10.09.2015

Haïku de route-76/ Hair-drier in a Bathroom















Derrière l'hôtel, la colline se sépare et tombe entre le fil d'une ancienne rivière sa terre de buisson et les sommets touffés d'arbres. J'ai dû avoir faim. J'ai forcément dû avoir faim. Est-ce que je suis allé à la réception cherché un sandwich? Deux? Est-ce que nous y sommes allés ensemble. Dans les histoires que les gens racontent, rien n'est jamais oublié, tout le monde semble tellement sûr de lui. Moi je ne sais plus l'ordre des choses, l'ordre des images, je devrais les monter comme je veux, je devrais inventer. Je devrais mentir. Je devrais inventer des mensonges plaisants, des mensonges qu'on aurait envie de lire. Je pourrai inventer du sexe avec la jolie fille de la réception ou avec le vieux couple seul. Ou alors de la violence. Ou alors je pourrai mentir les deux dans un montage que nos spectacles adorent. Je pourrai inventer un long et profond dialogue avec ma mère, une dense introspection. Un lavage de vie. Un passé retourné et des crises avec, une centaine de pages plus loin, une réconciliation et dans cette centaine de pages du cul avec la réceptionniste et le vieux couple et du sang de réceptionniste dans la baignoire du vieux couple. Mais je sais que j'avais juste faim et que ma mère faisait une sieste.


Je crois qu'on a décidé d'y aller. Ma mère se réjouit du brownies fait maison, j'ai vu qu'il faisait des sandwichs. Je ne me rappelle pas exactement quelle heure c'était. On devait entrer dans l'après-midi. On a traversé le jardin, je crois que les marches étaient en granit. Il n'y avait personne aux tables dans le patio, la fille était toujours à la réception, elle était toujours jolie. Elle discutait avec le mec qui bossait en cuisine. Tout avait l'air cool. On s'installe à la table sous l'étagère à livre. Les rideaux sont tirés sur le jardin de derrière. Ma mère n'a pas vraiment faim mais elle sait que je finirai son sandwich. Tout est très bio. On mangera sain pour une fois. Je me lève pour aller commander. Je souris mais pas comme je pourrais sourire, je lui souris d'un sourire normal, pas appuyé, ni rien. La Californie, du moins celle qu'on a rencontré depuis notre arrivée atrophie la libido. Les cafés ont l'air bon; notre commande est partie en cuisine. Je retourne m'asseoir dans le fauteuil. Je m'enfonce. Ma mère regarde par la fenêtre, puis les tranches des livres. On se dit qu'on ira au lac après le repas. J'ai l'impression qu'il faudra marcher un peu. Ce sera parfait pour digérer.

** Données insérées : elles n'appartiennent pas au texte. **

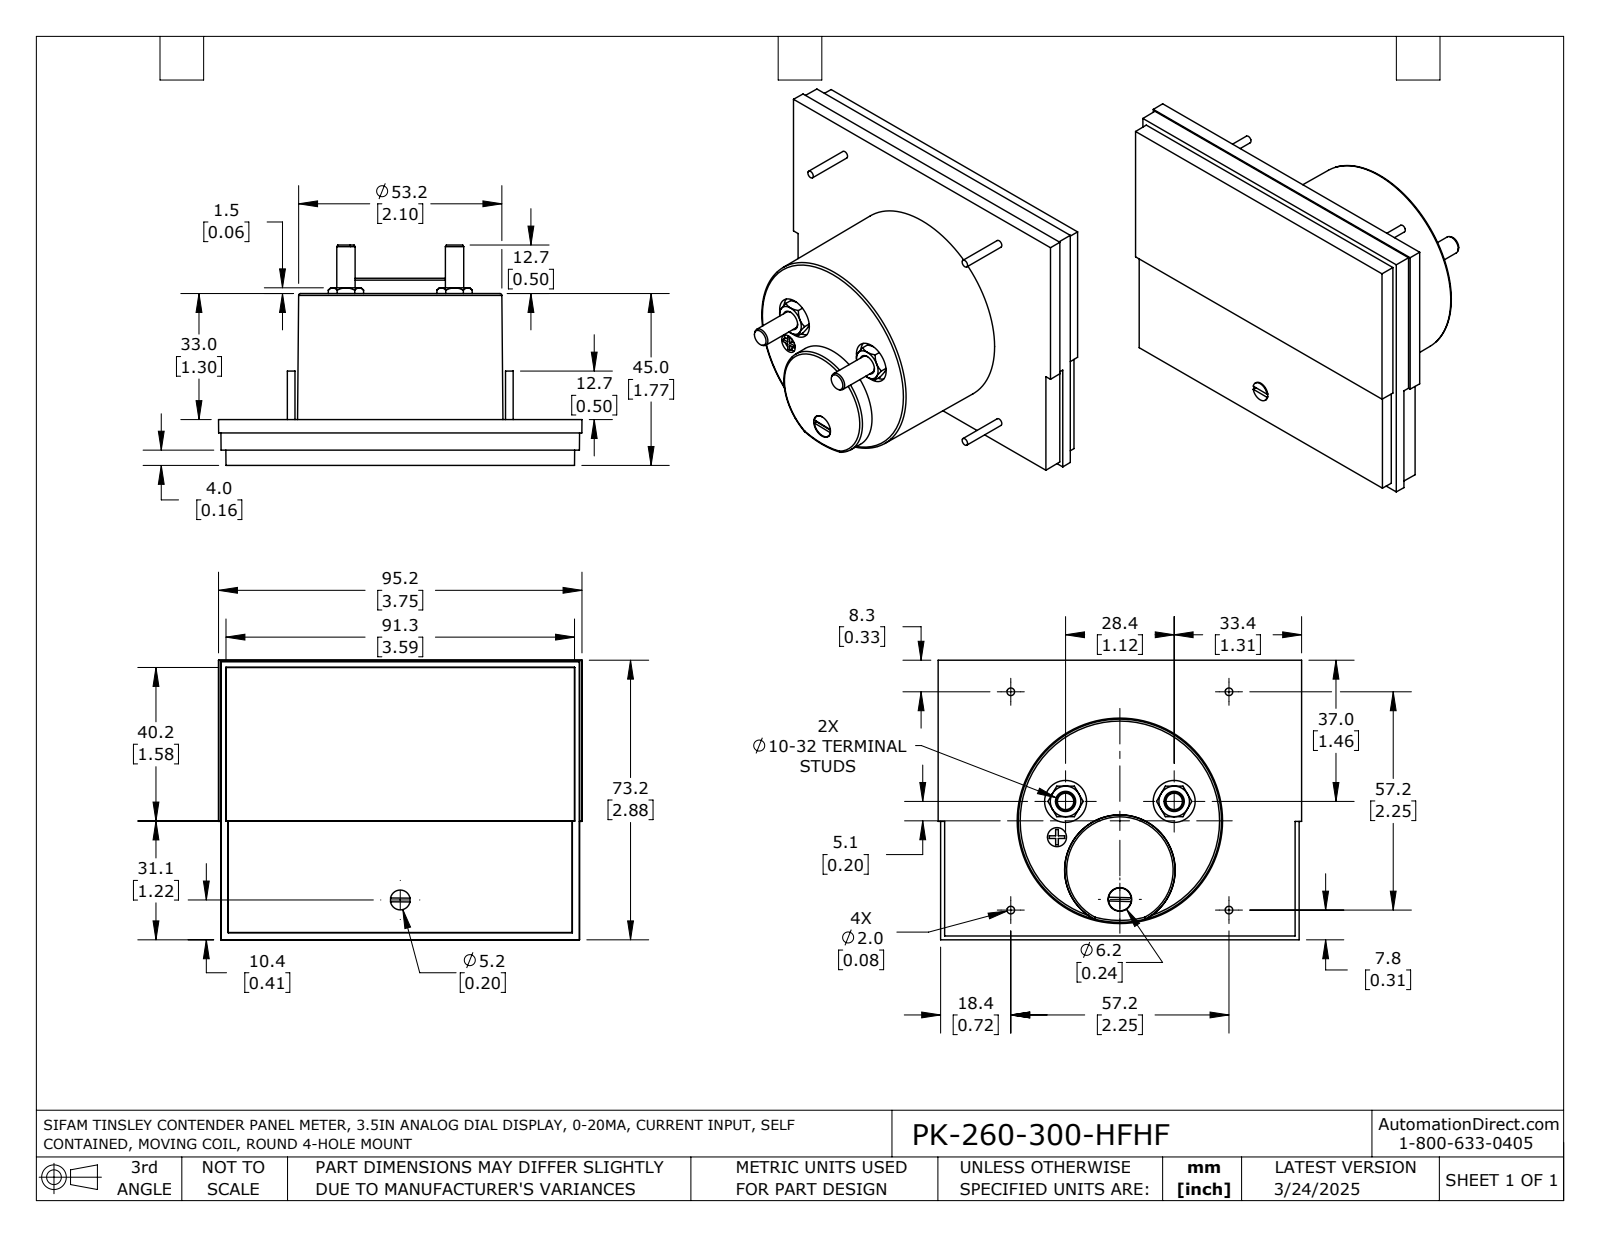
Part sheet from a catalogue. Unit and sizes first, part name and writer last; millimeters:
Units: millimetres
Overall size (bounding box): 95.2 × 73.2 × 57.7
Round holes (diameter × count): ⌀11 ×2, ⌀5 ×1, ⌀6.2 ×1
Round bosses / shafts (diameter × count): ⌀2 ×4, ⌀4.8 ×2, ⌀6 ×1, ⌀5.2 ×1
Partial cylindrical surfaces — rounded edges, fillets, slot ends (radius × count): R2.5 ×1
Main face-to-face distances: 12, 0.8, 11.3, 45, 33, 44.2, 4, 1.9, 8, 37
Hole centre spacings: 29.3, 9.6, 23.2, 28.4, 32.1
Volume: 154 800 mm³ · Surface area: 24 770 mm²
Bodies: 1 solid, 163 faces (76 planar, 31 cylindrical, 56 other)
Part name (STEP PRODUCT): PK-260-300-HFHF
STEP written by: SolidWorks 2021 (AUTOMOTIVE_DESIGN)
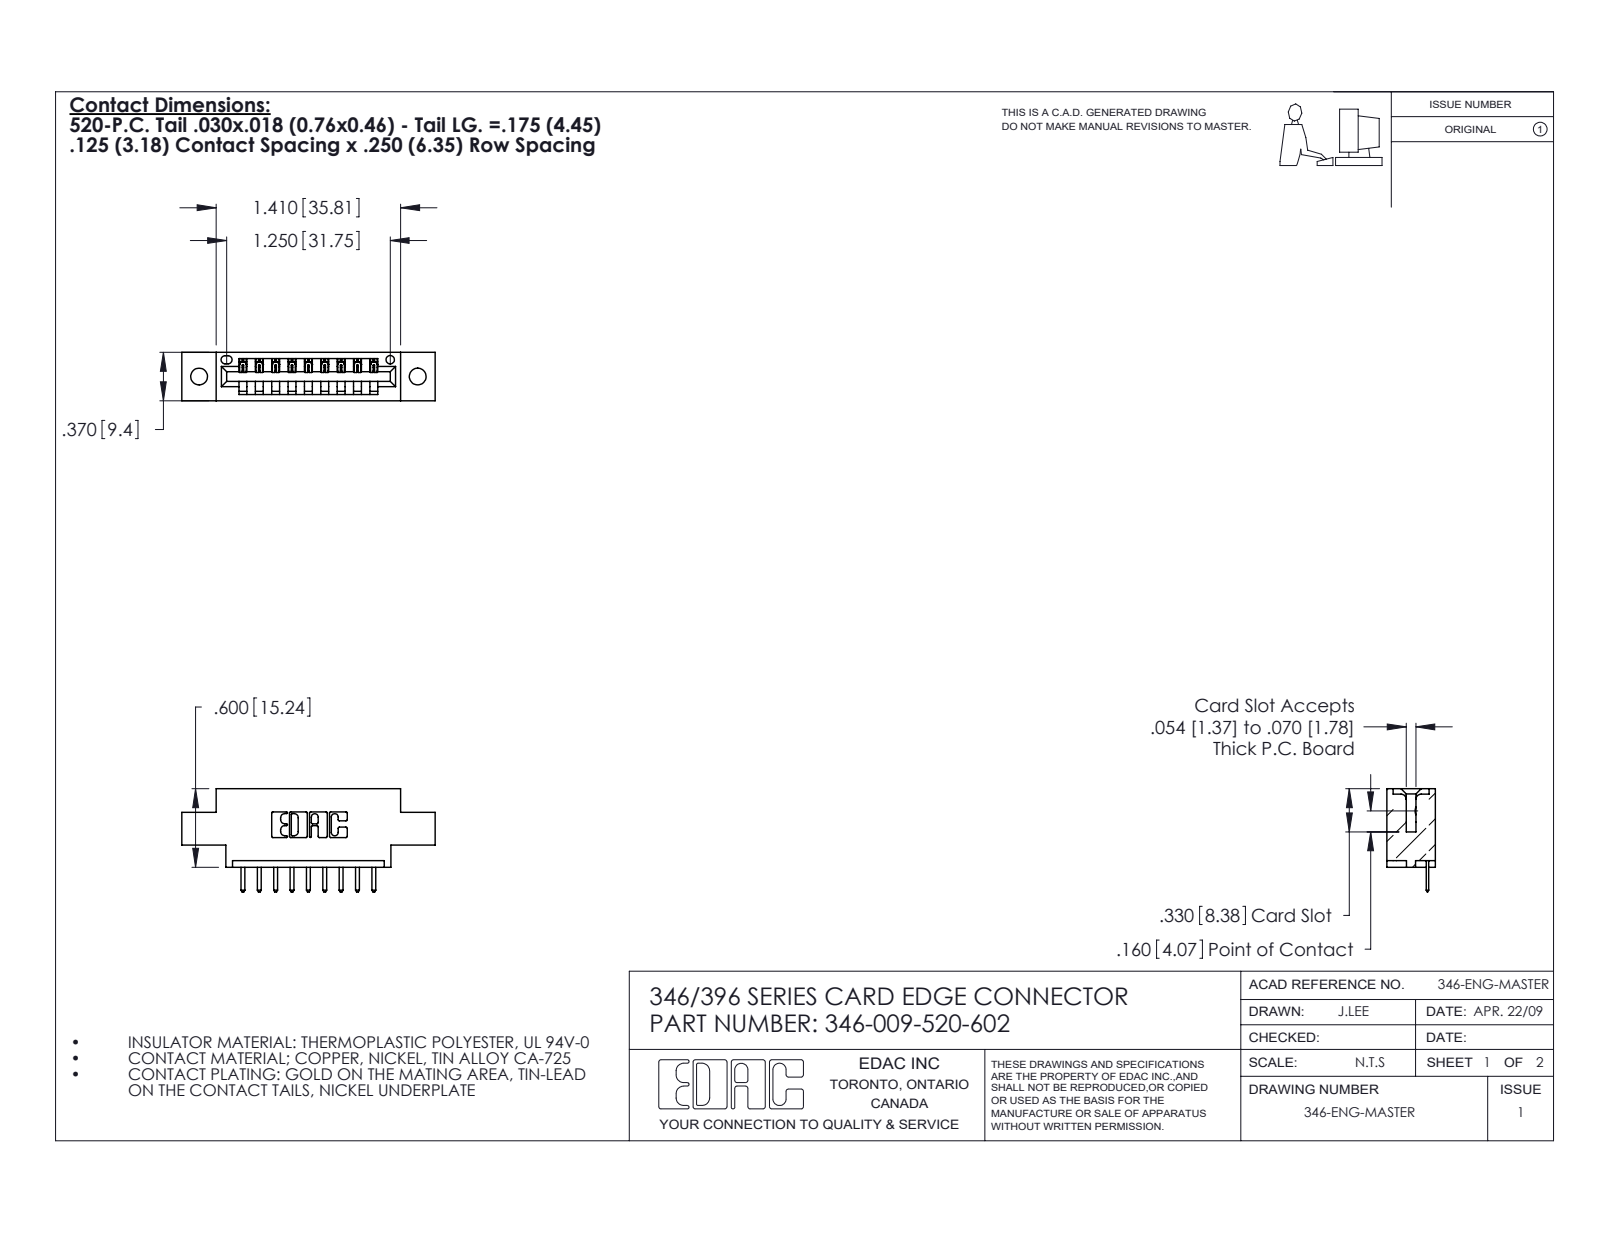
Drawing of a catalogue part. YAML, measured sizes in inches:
part_name: "346-009-520-602; 346 Part_0.170 Offset - 0.128 Dia; 345-292-001_345-293-120"
step_written_by: "SolidWorks 2020 (CONFIG_CONTROL_DESIGN)"
units: inches
bodies: {solids: 10, faces: 684, planar: 458, cylindrical: 226, other: 0}
overall_size: [1.935, 0.788, 0.37]
volume: 0.26
surface_area: 7.395
round_holes:
  - {diameter: 0.128, count: 2}
  - {diameter: 0.064, count: 1}
partial_cylinders:
  - {radius: 0.01, count: 22}
  - {radius: 0.01, count: 20}
  - {radius: 0.006, count: 18}
  - {radius: 0.007, count: 6}
  - {radius: 0.031, count: 6}
  - {radius: 0.026, count: 3}
  - {radius: 0.031, count: 2}
  - {radius: 0.04, count: 2}
face_to_face_distances: [0.25, 0.37, 0.048, 0.322, 0.148, 0.222, 0.1, 0.174, 0.072, 0.298]
hole_center_spacings: [0.246, 1.465, 1.67]

Je n'ai pas touché mon livre. Je n'arrive pas à lire. Je lis tout le temps, mais là je n'arrive pas. J'ai toujours lu beaucoup. Mais rarement au lit. Je n'arrive jamais à trouver la bonne position. J'aime lire dans les trains, dans les bars. Et le matin dans la salle de bain, couché sur un tapis douche avec le bruit du foen et la lumière du jour qui monte ou plus tard dans la journée quand j'ai le temps de faire une sieste. J'ai commencé vers 13 ans je crois, peut-être avant, dans la salle de bain de mes parents, celle qui donnait sur leur chambre avec le meuble en bois pour adosser mes coussin et le ventilateur à air chaud gogé de poussière que je respirais sans m'en rendre compte. Je me levais et je descendais à la cuisine me faire un bol de corn-flakes et je remontais. Parfois mes parents étaient déjà levés, je me couchais quand mon père se rasait ou quand ma mère prenait sa douche. Ils n'avaient pas besoin de m'enjamber, la salle de bain était assez grande. Je lisais. Je regardais mon père dans le miroir du lavabo, ma mère nue qui sortait de la douche. Parfois je somnolais. Parfois j'essayais de retrouver mes rêves. Je n'ai jamais vraiment arrêté d'occuper les salles de bains, sauf quand mes logements ne le permettaient pas. C'était comme un ventre. c'est toujours comme un ventre. Toujours humide, toujours chaud, toujours avec un bruit comme un séchoir ou un sèche-cheveux, comme ses bruits sourds qu'on entendait en permanence, les derniers mois avant de naître.